• [REQUIRED WORK]:
Every line of the data below should be retyped exactly.

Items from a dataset
--

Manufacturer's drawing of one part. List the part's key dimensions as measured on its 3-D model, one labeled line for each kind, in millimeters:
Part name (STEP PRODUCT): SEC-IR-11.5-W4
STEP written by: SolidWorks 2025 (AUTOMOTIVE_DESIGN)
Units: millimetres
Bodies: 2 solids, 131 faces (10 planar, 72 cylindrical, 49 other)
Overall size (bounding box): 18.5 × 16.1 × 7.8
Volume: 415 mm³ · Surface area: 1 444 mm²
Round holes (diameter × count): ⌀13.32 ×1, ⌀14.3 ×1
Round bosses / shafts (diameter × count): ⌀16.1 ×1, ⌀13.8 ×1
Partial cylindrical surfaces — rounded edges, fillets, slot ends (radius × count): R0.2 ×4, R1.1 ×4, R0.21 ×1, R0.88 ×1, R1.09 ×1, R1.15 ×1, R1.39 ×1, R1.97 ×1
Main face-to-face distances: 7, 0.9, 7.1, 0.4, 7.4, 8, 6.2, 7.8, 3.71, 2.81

--

• [RESPONSE TO THIS EXERCISE]:
Manufacturer's drawing of one part. List the part's key dimensions as measured on its 3-D model, one labeled line for each kind, in millimeters:
Part name (STEP PRODUCT): SEC-IR-11.5-W4
STEP written by: SolidWorks 2025 (AUTOMOTIVE_DESIGN)
Units: millimetres
Bodies: 2 solids, 131 faces (10 planar, 72 cylindrical, 49 other)
Overall size (bounding box): 18.5 × 16.1 × 7.8
Volume: 415 mm³ · Surface area: 1 444 mm²
Round holes (diameter × count): ⌀13.32 ×1, ⌀14.3 ×1
Round bosses / shafts (diameter × count): ⌀16.1 ×1, ⌀13.8 ×1
Partial cylindrical surfaces — rounded edges, fillets, slot ends (radius × count): R0.2 ×4, R1.1 ×4, R0.21 ×1, R0.88 ×1, R1.09 ×1, R1.15 ×1, R1.39 ×1, R1.97 ×1
Main face-to-face distances: 7, 0.9, 7.1, 0.4, 7.4, 8, 6.2, 7.8, 3.71, 2.81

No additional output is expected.